Activity:
Identify every line in the records below that contains the word "layers", and reproduce each one.
══ Records for processing ══
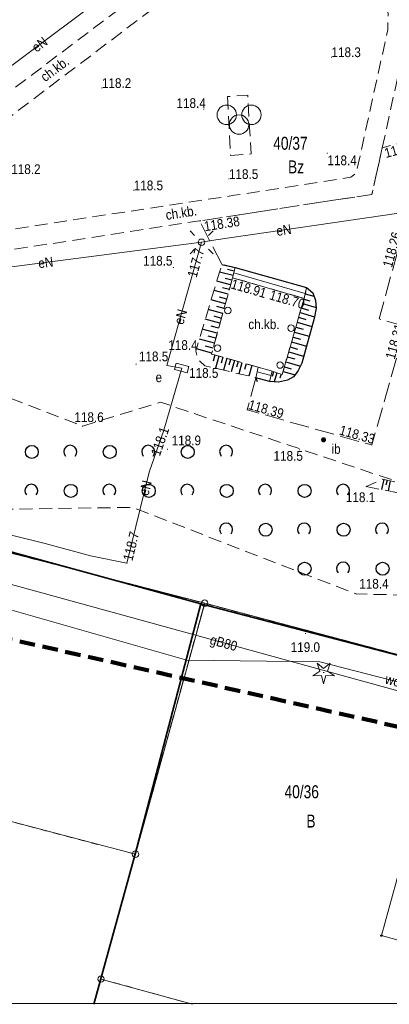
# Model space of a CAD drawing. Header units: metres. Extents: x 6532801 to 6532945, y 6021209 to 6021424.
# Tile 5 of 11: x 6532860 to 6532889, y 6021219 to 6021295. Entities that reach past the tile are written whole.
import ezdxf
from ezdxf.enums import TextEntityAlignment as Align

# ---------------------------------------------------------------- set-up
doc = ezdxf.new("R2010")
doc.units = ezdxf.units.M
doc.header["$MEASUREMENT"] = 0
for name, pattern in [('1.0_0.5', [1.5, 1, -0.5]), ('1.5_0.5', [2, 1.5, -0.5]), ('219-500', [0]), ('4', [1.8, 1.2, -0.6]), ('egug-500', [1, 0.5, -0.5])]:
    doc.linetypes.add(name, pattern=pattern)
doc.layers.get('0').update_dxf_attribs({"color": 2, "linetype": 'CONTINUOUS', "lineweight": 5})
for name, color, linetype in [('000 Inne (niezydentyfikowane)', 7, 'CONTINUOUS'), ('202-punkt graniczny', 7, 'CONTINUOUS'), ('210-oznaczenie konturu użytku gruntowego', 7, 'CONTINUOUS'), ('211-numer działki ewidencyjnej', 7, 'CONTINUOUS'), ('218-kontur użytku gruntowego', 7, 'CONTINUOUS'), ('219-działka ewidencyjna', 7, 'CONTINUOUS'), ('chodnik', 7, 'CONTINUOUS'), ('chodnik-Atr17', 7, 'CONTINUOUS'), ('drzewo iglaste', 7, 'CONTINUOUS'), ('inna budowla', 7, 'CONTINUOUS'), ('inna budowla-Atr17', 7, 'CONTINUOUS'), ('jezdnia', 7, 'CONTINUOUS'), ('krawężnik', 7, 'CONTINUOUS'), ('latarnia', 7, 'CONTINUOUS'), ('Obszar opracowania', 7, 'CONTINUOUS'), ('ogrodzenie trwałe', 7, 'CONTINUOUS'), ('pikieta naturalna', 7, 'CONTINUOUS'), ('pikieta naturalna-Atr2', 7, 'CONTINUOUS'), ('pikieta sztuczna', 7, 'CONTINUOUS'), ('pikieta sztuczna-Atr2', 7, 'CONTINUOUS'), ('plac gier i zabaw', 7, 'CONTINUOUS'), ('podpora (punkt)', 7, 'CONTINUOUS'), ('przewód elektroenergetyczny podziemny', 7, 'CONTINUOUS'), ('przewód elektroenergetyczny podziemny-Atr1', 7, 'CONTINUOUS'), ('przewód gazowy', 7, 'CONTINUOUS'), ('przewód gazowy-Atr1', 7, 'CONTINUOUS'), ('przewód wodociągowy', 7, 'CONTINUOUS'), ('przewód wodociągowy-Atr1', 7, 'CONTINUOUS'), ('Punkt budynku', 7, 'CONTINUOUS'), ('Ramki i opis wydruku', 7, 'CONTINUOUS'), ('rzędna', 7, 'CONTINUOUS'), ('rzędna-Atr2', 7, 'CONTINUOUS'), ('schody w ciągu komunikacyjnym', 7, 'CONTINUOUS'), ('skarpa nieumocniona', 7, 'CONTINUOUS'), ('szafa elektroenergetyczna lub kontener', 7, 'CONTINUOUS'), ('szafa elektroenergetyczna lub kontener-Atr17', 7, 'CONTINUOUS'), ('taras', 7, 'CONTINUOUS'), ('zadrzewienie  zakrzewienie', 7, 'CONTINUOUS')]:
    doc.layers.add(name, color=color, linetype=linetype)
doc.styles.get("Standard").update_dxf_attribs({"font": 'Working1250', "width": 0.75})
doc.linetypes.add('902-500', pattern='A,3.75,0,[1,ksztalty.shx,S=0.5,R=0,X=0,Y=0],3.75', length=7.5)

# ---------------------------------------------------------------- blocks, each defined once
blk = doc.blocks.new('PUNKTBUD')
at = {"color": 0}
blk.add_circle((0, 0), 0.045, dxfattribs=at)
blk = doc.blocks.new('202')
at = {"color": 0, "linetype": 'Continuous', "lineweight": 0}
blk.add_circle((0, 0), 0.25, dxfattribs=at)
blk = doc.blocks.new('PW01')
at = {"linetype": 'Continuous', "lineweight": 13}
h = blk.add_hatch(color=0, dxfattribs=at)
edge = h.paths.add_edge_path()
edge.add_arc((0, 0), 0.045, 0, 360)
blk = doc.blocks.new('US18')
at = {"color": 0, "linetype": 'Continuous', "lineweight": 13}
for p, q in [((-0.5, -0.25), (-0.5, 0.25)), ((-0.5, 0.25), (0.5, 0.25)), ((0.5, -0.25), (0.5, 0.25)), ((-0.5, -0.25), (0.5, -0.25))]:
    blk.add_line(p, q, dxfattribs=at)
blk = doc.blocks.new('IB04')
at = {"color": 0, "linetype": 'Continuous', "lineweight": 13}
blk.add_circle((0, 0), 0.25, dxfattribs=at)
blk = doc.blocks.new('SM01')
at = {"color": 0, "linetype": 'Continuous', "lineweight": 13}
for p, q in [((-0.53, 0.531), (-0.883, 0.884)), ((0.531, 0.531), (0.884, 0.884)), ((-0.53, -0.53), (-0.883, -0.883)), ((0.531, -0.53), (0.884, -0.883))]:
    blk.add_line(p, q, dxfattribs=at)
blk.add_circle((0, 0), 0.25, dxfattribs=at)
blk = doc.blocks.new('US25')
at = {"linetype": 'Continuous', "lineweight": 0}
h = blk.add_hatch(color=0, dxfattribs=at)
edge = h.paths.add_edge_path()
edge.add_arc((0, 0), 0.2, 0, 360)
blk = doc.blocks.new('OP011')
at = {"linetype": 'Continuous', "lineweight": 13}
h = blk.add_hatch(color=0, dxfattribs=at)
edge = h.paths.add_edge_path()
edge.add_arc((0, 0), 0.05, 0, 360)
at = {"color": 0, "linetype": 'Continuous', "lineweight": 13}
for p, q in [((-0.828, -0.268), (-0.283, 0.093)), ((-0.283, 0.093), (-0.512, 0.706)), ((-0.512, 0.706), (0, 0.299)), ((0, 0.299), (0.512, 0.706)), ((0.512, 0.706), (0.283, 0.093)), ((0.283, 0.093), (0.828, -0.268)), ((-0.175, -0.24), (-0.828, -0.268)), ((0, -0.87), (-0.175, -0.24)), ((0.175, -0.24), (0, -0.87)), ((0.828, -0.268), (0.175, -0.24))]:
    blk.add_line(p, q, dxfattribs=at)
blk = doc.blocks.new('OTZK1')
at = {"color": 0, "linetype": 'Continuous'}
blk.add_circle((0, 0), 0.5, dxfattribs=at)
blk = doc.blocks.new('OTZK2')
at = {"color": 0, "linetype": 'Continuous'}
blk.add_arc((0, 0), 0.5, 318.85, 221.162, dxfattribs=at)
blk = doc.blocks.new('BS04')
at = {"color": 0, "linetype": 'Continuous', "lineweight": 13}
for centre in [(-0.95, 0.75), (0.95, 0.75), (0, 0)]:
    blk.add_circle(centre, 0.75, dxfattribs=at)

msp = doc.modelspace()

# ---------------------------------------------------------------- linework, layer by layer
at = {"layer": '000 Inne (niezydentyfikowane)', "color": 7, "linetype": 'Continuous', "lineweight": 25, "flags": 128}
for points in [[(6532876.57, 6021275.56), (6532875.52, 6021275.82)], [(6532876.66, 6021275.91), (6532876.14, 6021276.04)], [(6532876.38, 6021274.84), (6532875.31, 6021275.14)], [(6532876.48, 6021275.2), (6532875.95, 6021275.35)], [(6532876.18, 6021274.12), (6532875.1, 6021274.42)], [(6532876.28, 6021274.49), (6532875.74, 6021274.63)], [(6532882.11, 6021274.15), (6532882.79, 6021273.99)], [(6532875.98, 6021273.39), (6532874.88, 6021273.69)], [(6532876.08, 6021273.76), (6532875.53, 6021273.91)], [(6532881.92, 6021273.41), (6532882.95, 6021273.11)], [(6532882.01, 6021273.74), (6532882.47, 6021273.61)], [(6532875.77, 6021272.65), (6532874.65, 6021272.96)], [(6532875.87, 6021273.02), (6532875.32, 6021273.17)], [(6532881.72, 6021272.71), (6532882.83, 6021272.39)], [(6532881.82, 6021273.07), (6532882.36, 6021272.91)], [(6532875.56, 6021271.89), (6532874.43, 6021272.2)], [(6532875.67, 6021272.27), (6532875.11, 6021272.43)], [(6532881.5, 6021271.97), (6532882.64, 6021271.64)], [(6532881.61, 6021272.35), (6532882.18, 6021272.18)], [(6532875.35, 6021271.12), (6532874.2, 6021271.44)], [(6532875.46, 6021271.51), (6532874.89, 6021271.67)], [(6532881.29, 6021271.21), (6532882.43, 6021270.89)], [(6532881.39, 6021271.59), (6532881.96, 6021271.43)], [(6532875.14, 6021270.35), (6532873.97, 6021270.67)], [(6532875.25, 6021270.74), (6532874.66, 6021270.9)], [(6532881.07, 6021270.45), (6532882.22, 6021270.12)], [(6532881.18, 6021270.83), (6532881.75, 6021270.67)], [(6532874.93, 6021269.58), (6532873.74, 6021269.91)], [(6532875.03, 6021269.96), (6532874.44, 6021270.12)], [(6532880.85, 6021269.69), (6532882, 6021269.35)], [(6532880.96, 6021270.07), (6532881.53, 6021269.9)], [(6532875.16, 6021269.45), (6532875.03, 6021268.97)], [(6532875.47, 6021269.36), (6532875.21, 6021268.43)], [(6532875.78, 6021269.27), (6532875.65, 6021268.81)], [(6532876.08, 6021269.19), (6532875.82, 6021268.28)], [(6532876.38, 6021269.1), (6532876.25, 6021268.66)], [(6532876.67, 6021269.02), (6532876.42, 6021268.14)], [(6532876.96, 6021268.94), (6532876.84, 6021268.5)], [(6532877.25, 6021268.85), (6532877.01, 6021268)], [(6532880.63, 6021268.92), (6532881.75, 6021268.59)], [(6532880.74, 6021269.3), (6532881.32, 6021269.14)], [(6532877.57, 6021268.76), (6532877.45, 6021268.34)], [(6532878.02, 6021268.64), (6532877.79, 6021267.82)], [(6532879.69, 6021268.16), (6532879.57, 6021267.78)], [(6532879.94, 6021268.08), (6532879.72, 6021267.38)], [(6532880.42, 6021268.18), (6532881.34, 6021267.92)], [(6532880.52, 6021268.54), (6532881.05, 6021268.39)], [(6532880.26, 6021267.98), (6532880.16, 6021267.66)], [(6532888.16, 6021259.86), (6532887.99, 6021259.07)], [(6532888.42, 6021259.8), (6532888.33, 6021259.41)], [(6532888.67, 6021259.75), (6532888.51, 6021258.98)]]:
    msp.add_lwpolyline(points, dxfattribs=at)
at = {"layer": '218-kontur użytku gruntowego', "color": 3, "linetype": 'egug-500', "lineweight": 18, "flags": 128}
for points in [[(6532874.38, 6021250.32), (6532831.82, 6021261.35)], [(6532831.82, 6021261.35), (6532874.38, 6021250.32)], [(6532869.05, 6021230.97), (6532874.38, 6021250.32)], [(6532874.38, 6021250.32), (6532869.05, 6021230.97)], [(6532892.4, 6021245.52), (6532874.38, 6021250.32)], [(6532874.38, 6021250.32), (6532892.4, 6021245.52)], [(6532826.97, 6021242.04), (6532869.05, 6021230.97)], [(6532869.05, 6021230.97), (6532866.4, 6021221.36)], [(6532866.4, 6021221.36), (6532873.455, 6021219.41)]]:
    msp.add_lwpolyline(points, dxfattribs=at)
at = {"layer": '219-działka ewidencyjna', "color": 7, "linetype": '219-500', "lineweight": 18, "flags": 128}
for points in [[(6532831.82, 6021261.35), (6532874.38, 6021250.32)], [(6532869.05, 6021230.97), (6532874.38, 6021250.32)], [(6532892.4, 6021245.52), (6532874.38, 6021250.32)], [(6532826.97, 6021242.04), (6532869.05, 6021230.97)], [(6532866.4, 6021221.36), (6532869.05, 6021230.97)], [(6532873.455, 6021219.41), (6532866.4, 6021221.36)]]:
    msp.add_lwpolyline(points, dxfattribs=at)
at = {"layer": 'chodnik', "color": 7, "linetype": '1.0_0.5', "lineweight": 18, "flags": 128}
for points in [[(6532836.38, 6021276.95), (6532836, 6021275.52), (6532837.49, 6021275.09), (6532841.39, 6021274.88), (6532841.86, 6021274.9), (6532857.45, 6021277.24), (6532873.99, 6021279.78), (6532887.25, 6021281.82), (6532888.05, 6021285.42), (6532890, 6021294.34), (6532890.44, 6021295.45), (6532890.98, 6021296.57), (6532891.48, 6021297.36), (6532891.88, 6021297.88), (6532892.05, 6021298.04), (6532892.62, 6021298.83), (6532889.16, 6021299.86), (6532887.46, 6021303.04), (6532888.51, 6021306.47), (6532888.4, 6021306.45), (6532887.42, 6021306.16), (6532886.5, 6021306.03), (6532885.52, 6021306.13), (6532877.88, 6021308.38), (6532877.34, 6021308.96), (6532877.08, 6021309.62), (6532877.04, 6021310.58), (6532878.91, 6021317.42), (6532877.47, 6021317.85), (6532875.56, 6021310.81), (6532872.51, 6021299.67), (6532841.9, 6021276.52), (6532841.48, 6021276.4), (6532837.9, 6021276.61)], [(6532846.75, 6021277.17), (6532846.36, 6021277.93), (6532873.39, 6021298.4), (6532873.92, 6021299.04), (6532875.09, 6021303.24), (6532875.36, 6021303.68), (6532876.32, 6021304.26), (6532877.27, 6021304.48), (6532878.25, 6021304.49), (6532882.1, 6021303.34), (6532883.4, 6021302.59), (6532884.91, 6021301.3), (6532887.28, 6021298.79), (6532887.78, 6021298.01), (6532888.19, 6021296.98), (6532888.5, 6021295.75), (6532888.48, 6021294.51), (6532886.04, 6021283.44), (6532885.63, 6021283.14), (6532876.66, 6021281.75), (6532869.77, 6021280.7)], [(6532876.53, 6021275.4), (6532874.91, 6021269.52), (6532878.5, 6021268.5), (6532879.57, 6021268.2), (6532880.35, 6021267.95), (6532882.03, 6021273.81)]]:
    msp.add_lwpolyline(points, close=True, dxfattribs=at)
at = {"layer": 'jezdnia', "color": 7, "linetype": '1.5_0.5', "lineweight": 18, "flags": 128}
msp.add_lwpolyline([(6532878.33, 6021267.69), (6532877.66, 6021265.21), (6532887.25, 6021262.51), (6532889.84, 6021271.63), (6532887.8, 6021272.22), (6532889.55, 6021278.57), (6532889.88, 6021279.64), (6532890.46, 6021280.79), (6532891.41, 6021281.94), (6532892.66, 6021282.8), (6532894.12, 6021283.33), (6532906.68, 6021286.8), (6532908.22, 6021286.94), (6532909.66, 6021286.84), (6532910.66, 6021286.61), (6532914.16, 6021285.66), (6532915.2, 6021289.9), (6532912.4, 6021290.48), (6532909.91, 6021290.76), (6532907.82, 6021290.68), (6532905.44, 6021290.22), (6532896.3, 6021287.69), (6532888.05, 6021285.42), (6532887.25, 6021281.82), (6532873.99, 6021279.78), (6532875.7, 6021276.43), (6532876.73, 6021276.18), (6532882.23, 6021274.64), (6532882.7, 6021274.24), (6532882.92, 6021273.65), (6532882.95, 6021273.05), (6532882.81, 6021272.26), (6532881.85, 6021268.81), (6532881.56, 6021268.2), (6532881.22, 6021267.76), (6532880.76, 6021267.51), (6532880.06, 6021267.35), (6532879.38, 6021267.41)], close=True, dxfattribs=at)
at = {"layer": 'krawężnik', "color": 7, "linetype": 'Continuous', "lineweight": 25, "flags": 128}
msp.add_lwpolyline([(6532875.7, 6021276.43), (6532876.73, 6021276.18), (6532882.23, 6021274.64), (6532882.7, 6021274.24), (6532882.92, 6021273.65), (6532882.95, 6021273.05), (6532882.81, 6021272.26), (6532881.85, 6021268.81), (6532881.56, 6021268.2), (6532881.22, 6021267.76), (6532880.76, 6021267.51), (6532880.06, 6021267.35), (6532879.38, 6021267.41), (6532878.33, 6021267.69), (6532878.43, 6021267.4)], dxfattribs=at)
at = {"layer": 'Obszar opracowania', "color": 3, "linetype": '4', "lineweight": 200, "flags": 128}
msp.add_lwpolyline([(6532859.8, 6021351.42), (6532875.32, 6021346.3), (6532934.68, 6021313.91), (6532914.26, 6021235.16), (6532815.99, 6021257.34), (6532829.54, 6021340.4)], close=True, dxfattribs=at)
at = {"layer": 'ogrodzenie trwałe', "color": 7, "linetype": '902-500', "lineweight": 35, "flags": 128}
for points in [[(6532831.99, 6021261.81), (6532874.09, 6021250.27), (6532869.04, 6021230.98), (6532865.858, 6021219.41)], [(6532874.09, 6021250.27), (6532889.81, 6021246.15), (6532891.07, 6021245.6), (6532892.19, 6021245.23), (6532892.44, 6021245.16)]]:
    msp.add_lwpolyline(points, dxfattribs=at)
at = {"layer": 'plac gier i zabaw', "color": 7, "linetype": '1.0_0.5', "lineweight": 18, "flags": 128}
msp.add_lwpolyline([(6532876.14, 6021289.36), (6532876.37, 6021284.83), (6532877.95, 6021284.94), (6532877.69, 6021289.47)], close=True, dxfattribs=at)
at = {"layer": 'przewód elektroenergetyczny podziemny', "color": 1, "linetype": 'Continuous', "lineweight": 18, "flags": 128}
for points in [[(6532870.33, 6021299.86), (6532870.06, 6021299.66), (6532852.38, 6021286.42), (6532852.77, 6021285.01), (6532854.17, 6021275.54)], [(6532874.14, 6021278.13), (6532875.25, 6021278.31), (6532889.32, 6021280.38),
═══
Exercise response:
doc.layers.get('0').update_dxf_attribs({"color": 2, "linetype": 'CONTINUOUS', "lineweight": 5})
    doc.layers.add(name, color=color, linetype=linetype)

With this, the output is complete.